Ты посвящаешься в него, потому что Я уверен: оно никогда не покинет твой разум. Этим знанием ты будешь помечен навечно. Ему никуда от тебя не деться. Ведь твой разум не просто принадлежит мне. Он — полностью мой. И не по праву властителя. Он — мой по сути его происхождения в тебе — звере, давно носящего черную метку Бога. Ты — форма, в которую Я на время поместил частицу себя. Но форма особая, аналога которой Я не смог найти в антимире. Только уникальность твоего естества среди всех моих соратников позволила мне решиться на соединение тебя с моим разумом. Сейчас ты — это Я в тебе. Не весь, конечно, а только как выбор всех, как микрон моего разума, которому по силам решить задачу пока не познанного мною НЕЧТО.

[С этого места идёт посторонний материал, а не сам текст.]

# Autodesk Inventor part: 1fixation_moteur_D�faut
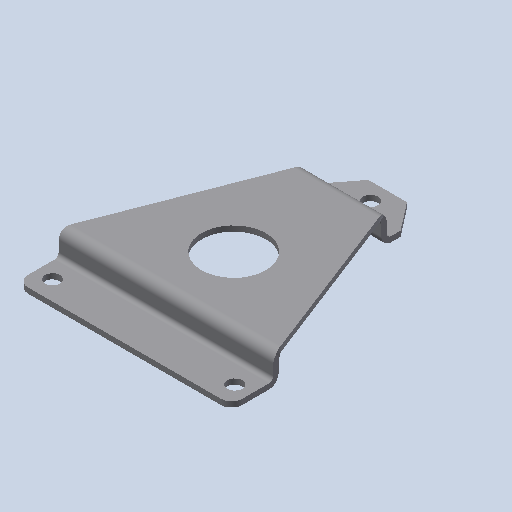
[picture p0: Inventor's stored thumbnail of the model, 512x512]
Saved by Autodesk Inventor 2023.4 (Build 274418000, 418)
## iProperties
Created: 2011-01
Part Number: 1fixation_moteur_D�faut
Document SubType Name: Modeling
Designer: eric
Density: 1 g/cm^3
Mass: 21.7424 g
Surface Area: 188.248 cm^2
Volume: 21.7424 cm^3
Material: Générique
Appearance: Par défaut
Author: eric
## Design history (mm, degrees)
feature "Base1"
node "Corps solides"
node "Corps surfaciques"
node "Solide1"
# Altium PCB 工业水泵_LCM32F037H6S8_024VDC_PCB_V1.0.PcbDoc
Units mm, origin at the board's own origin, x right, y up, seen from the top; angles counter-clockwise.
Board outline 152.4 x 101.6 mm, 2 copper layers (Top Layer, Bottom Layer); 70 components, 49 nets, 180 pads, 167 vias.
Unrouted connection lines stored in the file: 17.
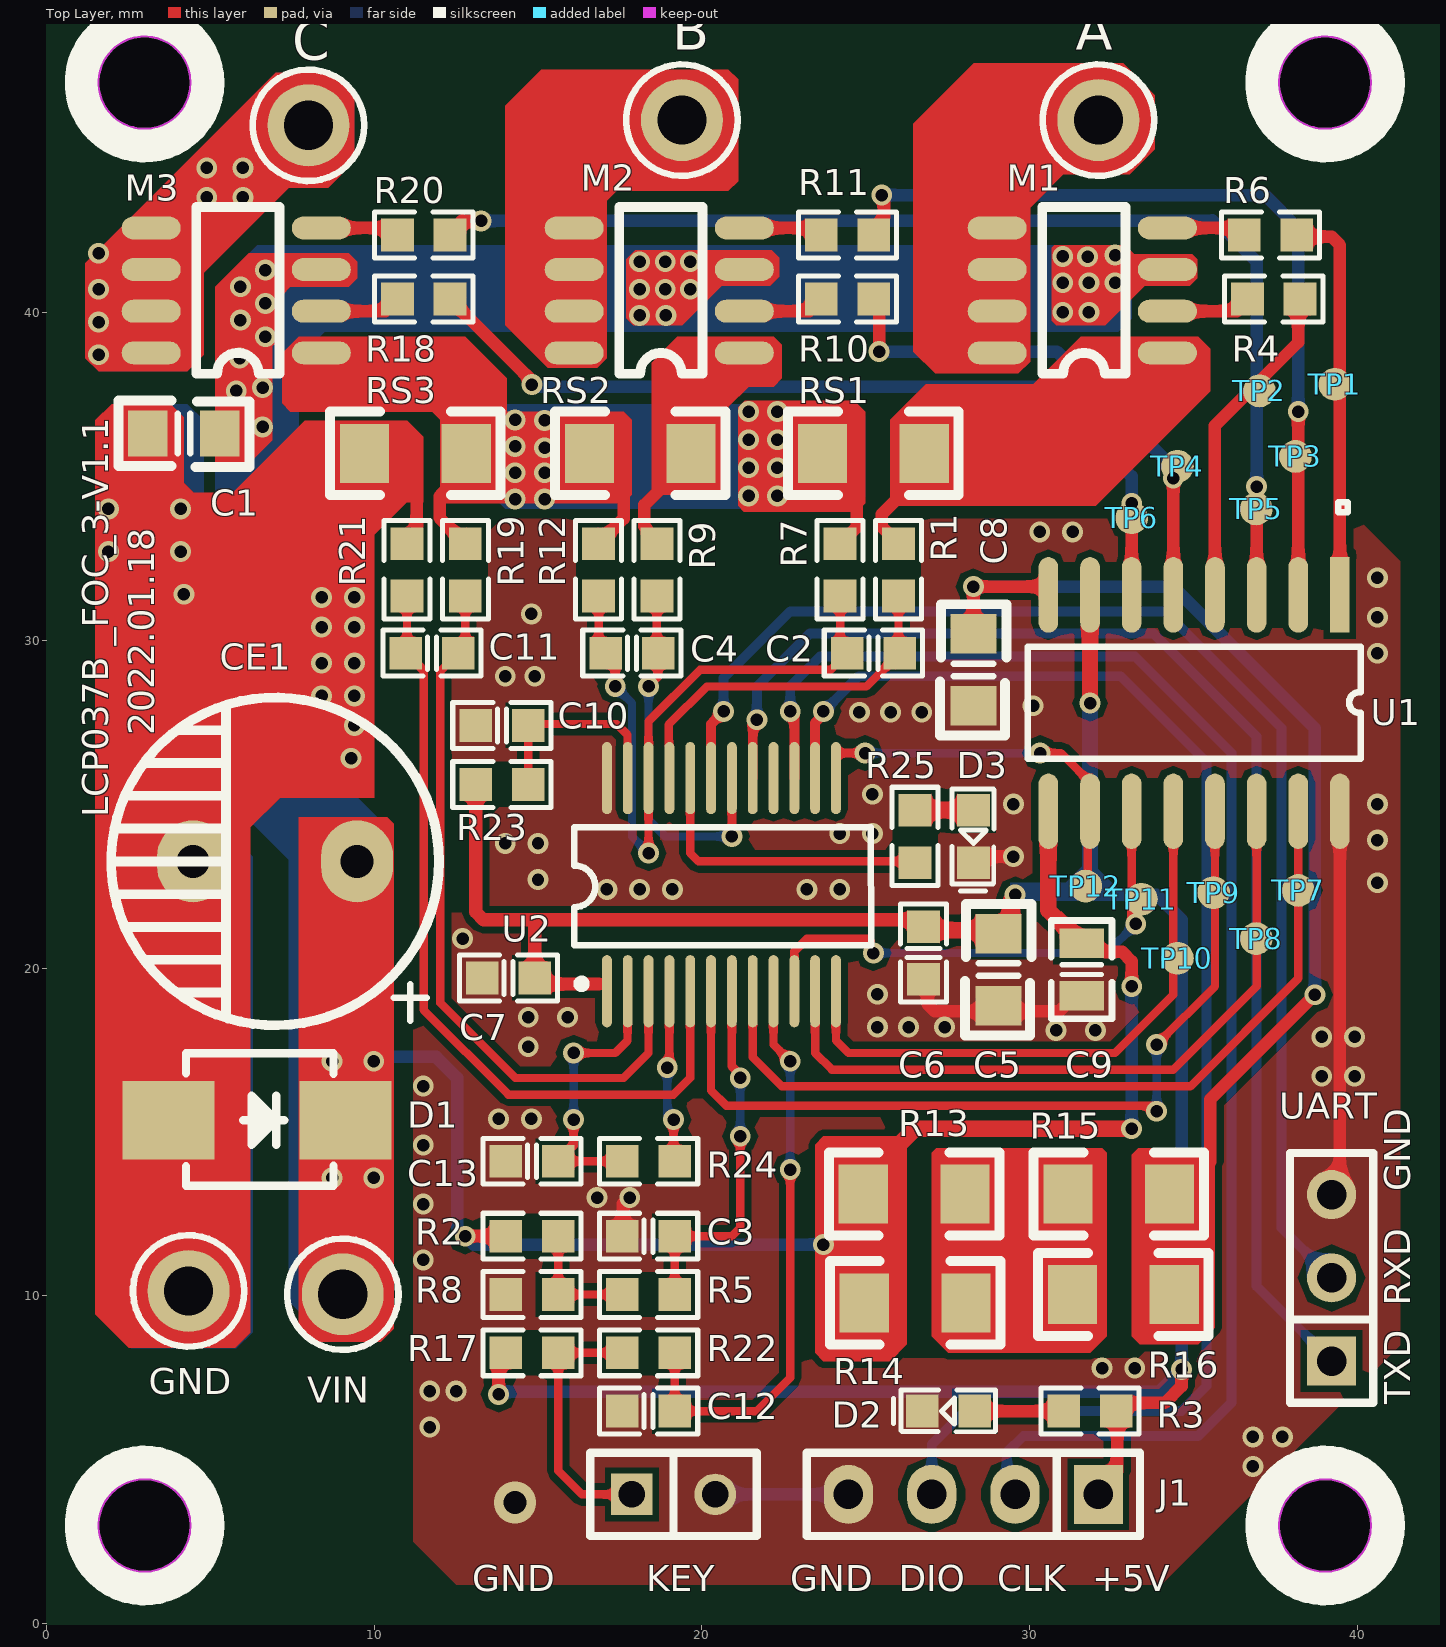
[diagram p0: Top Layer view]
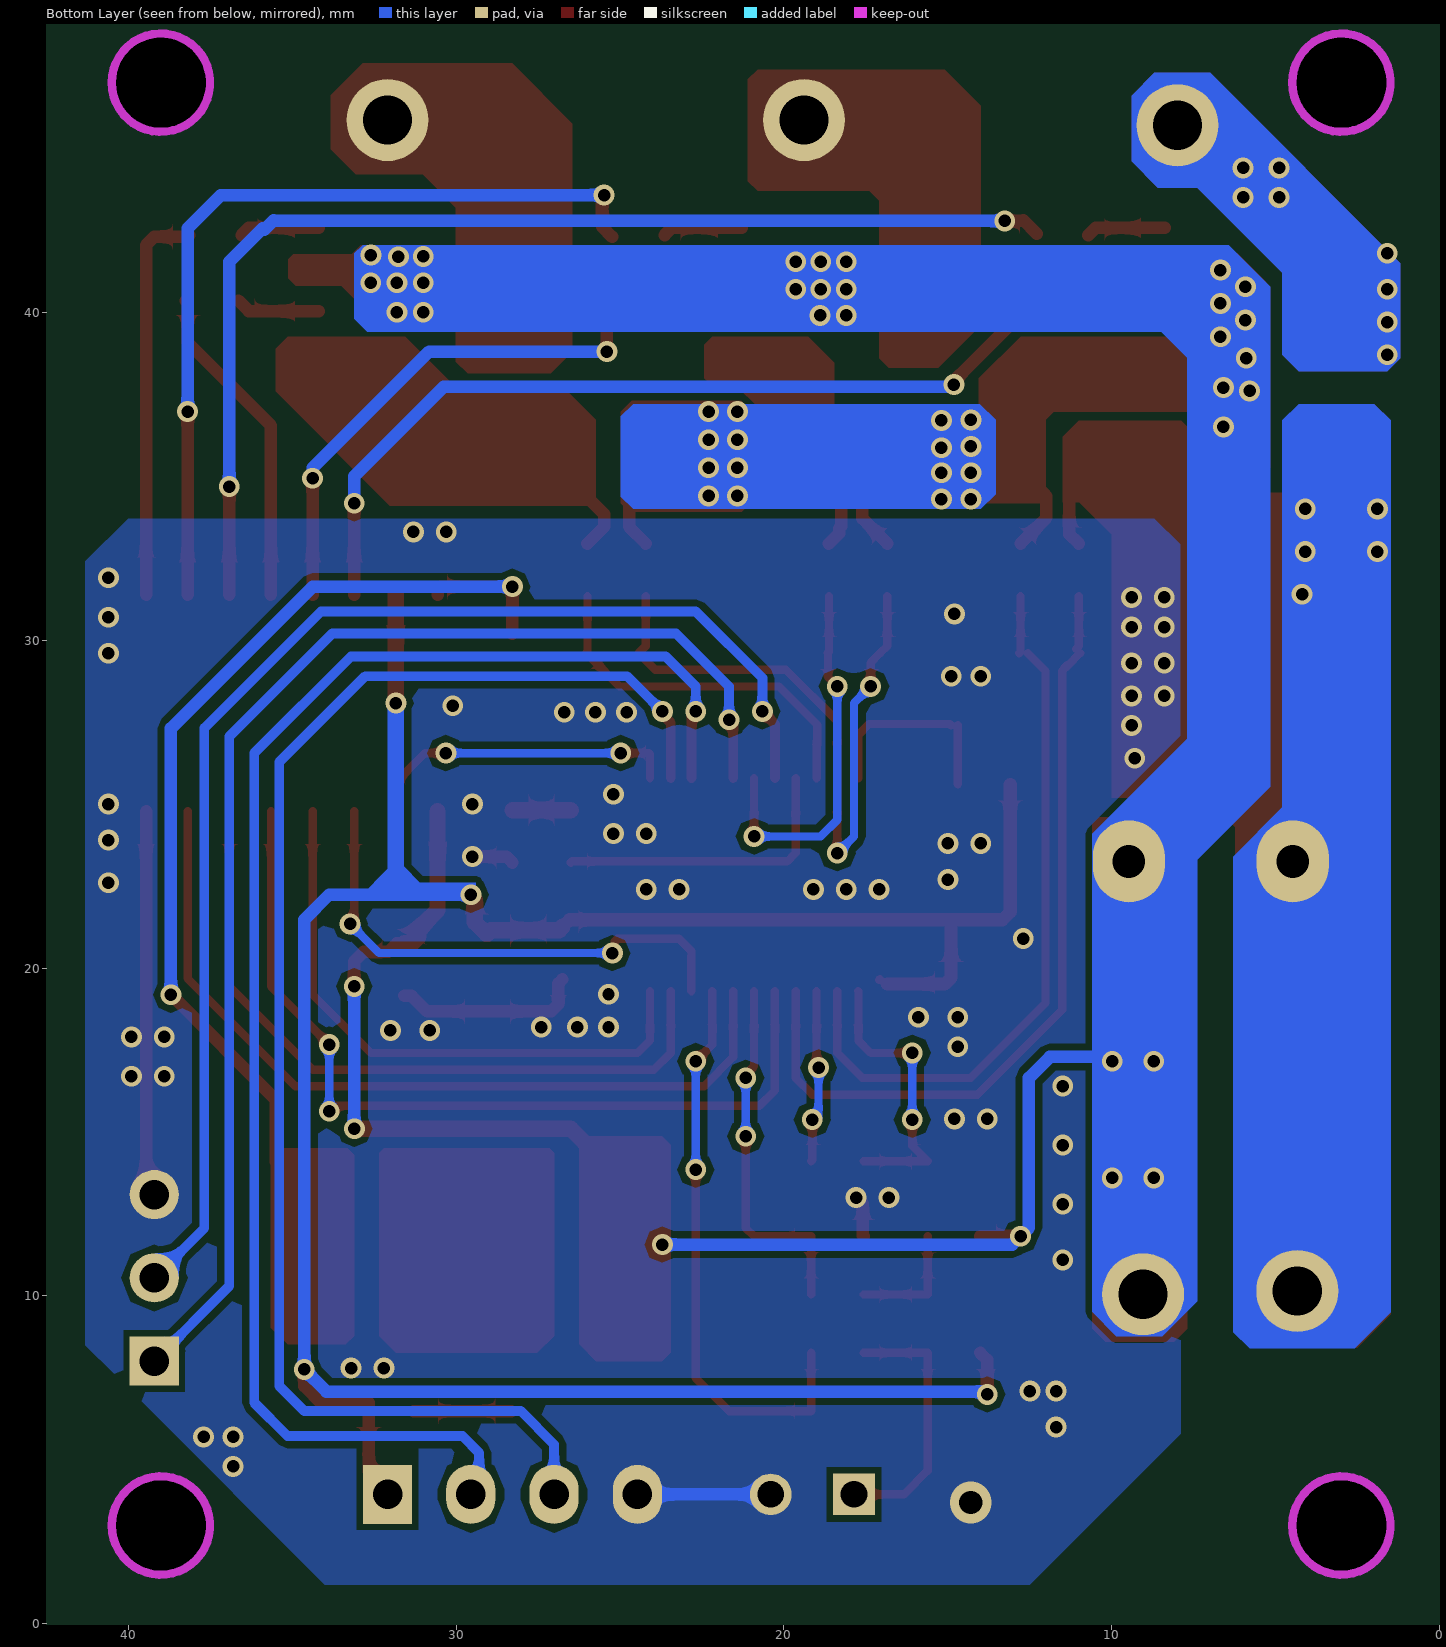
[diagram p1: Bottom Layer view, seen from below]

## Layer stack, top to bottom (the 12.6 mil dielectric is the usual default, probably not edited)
Top Solder: solder mask 0.0102, Solder Resist, Dk 3.5
Top Layer: signal copper 0.0356
Dielectric 1: dielectric 0.32, FR-4, Dk 4.8
Bottom Layer: signal copper 0.0356
Bottom Solder: solder mask 0.0102, Solder Resist, Dk 3.5

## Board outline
-37.635,-38.724 114.765,-38.724 114.765,62.876 -37.635,62.876
cut-out: 1.5,3 ccw(c3,3) 3,1.5 ccw(c3,3) 4.5,3 ccw(c3,3) 3,4.5 ccw(c3,3)
cut-out: 37.5,3 ccw(c39,3) 39,1.5 ccw(c39,3) 40.5,3 ccw(c39,3) 39,4.5 ccw(c39,3)
cut-out: 37.5,47 ccw(c39,47) 39,45.5 ccw(c39,47) 40.5,47 ccw(c39,47) 39,48.5 ccw(c39,47)
cut-out: 1.5,47 ccw(c3,47) 3,45.5 ccw(c3,47) 4.5,47 ccw(c3,47) 3,48.5 ccw(c3,47)

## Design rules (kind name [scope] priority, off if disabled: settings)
Clearance [All] p1: gap=0.2 ignorepadtopadclearanceinfootprint=FALSE
ComponentClearance [All] p1: gap=0.15 collisioncheckmode=3 verticalgap=0.254 showdistances=FALSE
Height [All] p1: minheight=0 maxheight=200 prefheight=12.7
MinimumSolderMaskSliver [All] p1: minsoldermaskwidth=0.12
PlaneConnect [All] p1: planeconnectstyle=Direct reliefexpansion=0.508 reliefentries=4 reliefconductorwidth=0.254 reliefairgap=0.254
PolygonConnect [All] p1: connectstyle=Direct reliefconductorwidth=0.254 reliefentries=4 polygonreliefangle="90 Angle" airgapwidth=0.254
RoutingVias [All] p1: holewidth=0.381 width=0.635 viastyle="Through Hole" minholewidth=0.305 minwidth=0.508 maxholewidth=0.711 maxwidth=1.27
SilkToSilkClearance [All] p1: silktosilkclearance=0.1
SilkToSolderMaskClearance [IsPad] p1: minsilkscreentomaskgap=0.05 clearancetoexposedcopper=TRUE
SolderMaskExpansion [All] p1: expansion=0.102
Width [All] p1: maxlimit=1.27 minlimit=0.254 preferedwidth=0.381
24 further rules are at their usual default settings.

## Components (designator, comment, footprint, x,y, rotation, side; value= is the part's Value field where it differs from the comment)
A "CON1" CON-F1.5 32.088,45.858 r90 top
B "CON1" CON-F1.5 19.388,45.858 r90 top
C "CON1" CON-F1.5 8,45.7 r90 top
C1 "0.1uF/50V 0805" C0805 4.2,36.3 r180 top
C2 "100pF" C0603 25.23,29.602 r0 top
C3 "10nF" C0603 18.372,11.822 r180 top
C4 "100pF" C0603 17.864,29.602 r0 top
C5 "10uF" C0805 29.04,19.95 r90 top
C6 "0.1uF" C0603 26.754,20.458 r90 top
C7 "0.1uF" C0603 14.1,19.7 r180 top
C8 "1uF/50V/0805" C0805 28.278,29.094 r90 top
C9 "0.1uF/50V 0805" C0805X 31.58,19.95 r270 top
C10 "0.1uF" C0603 13.9,27.4 r180 top
C11 "100pF" C0603 11.768,29.602 r0 top
C12 "10nF" C0603 18.372,6.488 r180 top
C13 "2.2uF" C0603 14.816,14.108 r180 top
CE1 "470uF/35V" C-DR10-5 6.982,23.252 r270 top
D1 "28V" SMB 6.434,15.378 r0 top
D2 "" 0603-LED/H 27.516,6.488 r0 top
D3 "" 0603-LED/H 28.278,24.014 r90 top
GND "CON1" CON-F1.5 4.346,10.152 r0 top
J1 "CON4" SIP4 32.088,3.948 r180 top
KEY "CON2" SIP2 17.864,3.948 r0 top
M1 "BPM0405CG" SOP-8S 34.193,38.755 r180 top locked
M2 "BPM0405CG" SOP-8S 21.293,38.755 r180 top locked
M3 "BPM0405CG" SOP-8S 8.393,38.755 r180 top locked
R1 "68R 1% 0603" R0603 25.992,32.142 r90 top
R2 "100K 1% 0603" R0603 14.816,11.822 r0 top
R3 "1K" R0603 31.834,6.488 r0 top
R4 "51R" R0603 37.438,40.4 r180 top
R5 "1K" R0603 18.372,10.044 r0 top
R6 "51R" R0603 37.338,42.354 r180 top
R7 "68R 1% 0603" R0603 24.214,32.142 r90 top
R8 "10K 1% 0603" R0603 14.816,10.044 r180 top
R9 "68R 1% 0603" R0603 18.626,32.142 r90 top
R10 "51R" R0603 24.438,40.4 r180 top
R11 "51R" R0603 24.438,42.354 r180 top
R12 "68R 1% 0603" R0603 16.848,32.142 r90 top
R13 "1K/1206" 1206/X 26.468,13.108 r180 top
R14 "1K/1206" 1206/X 26.5,9.79 r180 top
R15 "1K/1206" 1206/X 32.712,13.108 r180 top
R16 "1K/1206" 1206/X 32.85,10.044 r180 top
R17 "10K" R0603 14.816,8.266 r0 top
R18 "51R" R0603 11.514,40.4 r180 top
R19 "68R 1% 0603" R0603 12.784,32.142 r90 top
R20 "51R" R0603 11.514,42.354 r180 top
R21 "68R 1% 0603" R0603 11.006,32.142 r90 top
R22 "1K" R0603 18.372,8.266 r180 top
R23 "10K" R0603 13.9,25.6 r0 top
R24 "10K" R0603 18.372,14.108 r180 top
R25 "1K" R0603 26.5,24.014 r270 top
RS1 "0.05R 1206" 1206/X 25.23,35.698 r180 top
RS2 "0.05R 1206" 1206/X 18.118,35.698 r180 top
RS3 "0.05R 1206" 1206/X 11.26,35.698 r180 top
TP1 "TestPoint" TP_1.0-A 39.3,37.8 r90 top
TP2 "TestPoint" TP_1.0-A 37,37.6 r90 top
TP3 "TestPoint" TP_1.0-A 38.1,35.6 r90 top
TP4 "TestPoint" TP_1.0-A 34.5,35.3 r90 top
TP5 "TestPoint" TP_1.0-A 36.9,34 r90 top
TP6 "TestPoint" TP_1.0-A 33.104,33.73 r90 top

Выработанный Дьяволом и неукоснительно соблюдаемый им жанр диалогов с соратниками требовал от него паузы, разбивающей на этапы отделение от себя знания. В глазах собеседников это придавало разуму Дьявола обстоятельность, весомость, ощущаемую значительность и вдумчивую основательность. Никто из когда-либо вступавших в диалог с Дьяволом не сомневался в величии его разума, хотя само это понятие для них оставалось абстрактным. Соратники привыкли, скорее, безоговорочно признавать, а не ощущать величие создателя антимира. Через более же конкретные, а точнее, осязаемые их разумом понятия, они проникались к нему безусловным доверием, ставящим непреодолимые преграды возникновению сомнений сказанному или поручаемому им величайшим изгоем Вселенной. Дьявол знал это и сознательно стимулировал в ходе диалога с соратниками, прежде всего, не понимание излагаемого им, а впечатление собеседника от соприкосновения с его разумом. И ни разу он не огорчил себя неудовлетворенностью результатами от оказанного на разум беседующего с ним соратника воздействия. «Готовые на все» должны были не столько понимать его, сколько доверять ему. Раз услышанное им от Создателя: «Доверие определяет понимание, а не наоборот» — навсегда отвратило в нем потребность в понимании соратниками его мыслей и действий. По этим соображениям символом веры в антимире он сделал доверие всех и каждого его разуму. Он в своем мире ставил задачи как истина зла и сам же толковал при необходимости эту истину. Ее не надо было понимать, в нее следовало только верить и… доверять тому, кто ее олицетворяет.
Сейчас на Земле находился тот, кто в идеальном виде соответствовал качествам, которые хотел бы видеть в своих клевретах Дьявол. «Но даже ему, — посчитал Дьявол, — принимающему передаваемое знание на веру, очевидно, требуется передышка. Не от веры в сказанное мною, а от тяжести знания, которое пришло к Фошу с этой верой». Он не остановил поток знания, стремительно заполняющего разум зверь-птицы. Дьявол сделал все гораздо проще. На время, данное Грифону для передышки, он оставил принятое им знание без своего разъясняющего комментария.
Фош не просто растворился в окутавшей его энергии знания, передаваемой Дьяволом. Он начал, вдруг, отчетливо осознавать, что ему дано понимание того, что недоступно разуму всех, кто внимательно наблюдал за ним через ворота антимира. Ощутил он это, потому что перед ним не возник вопрос о его собственной уникальности, благодаря которой Дьявол поднял инстинкты зверя над разумом всех. «Какие…, — решил он, — …могут быть вопросы к разуму, который разговаривает сам с собой! Тем более что сам с собой ведет диалог Великий разум хозяина антимира. Меня ничуть не унижает, что мне выделена роль промежуточной формы, в которую хозяин поместил эмбрион своего разума. Пусть, может быть, не навсегда, всего лишь на время. Но укажите мне в кругу его соратников хотя бы одного, кто не был бы счастлив таким унижением. Достоинство не теряется, если тебя отсекают от массы подобных, наделяя при этом возможностями разума, воплощенными в абсолютную власть истины. Неосуждаем и непринижаем принявший от великого его часть. Какова бы при этом ни была выделенная ему повелевающим разумом роль».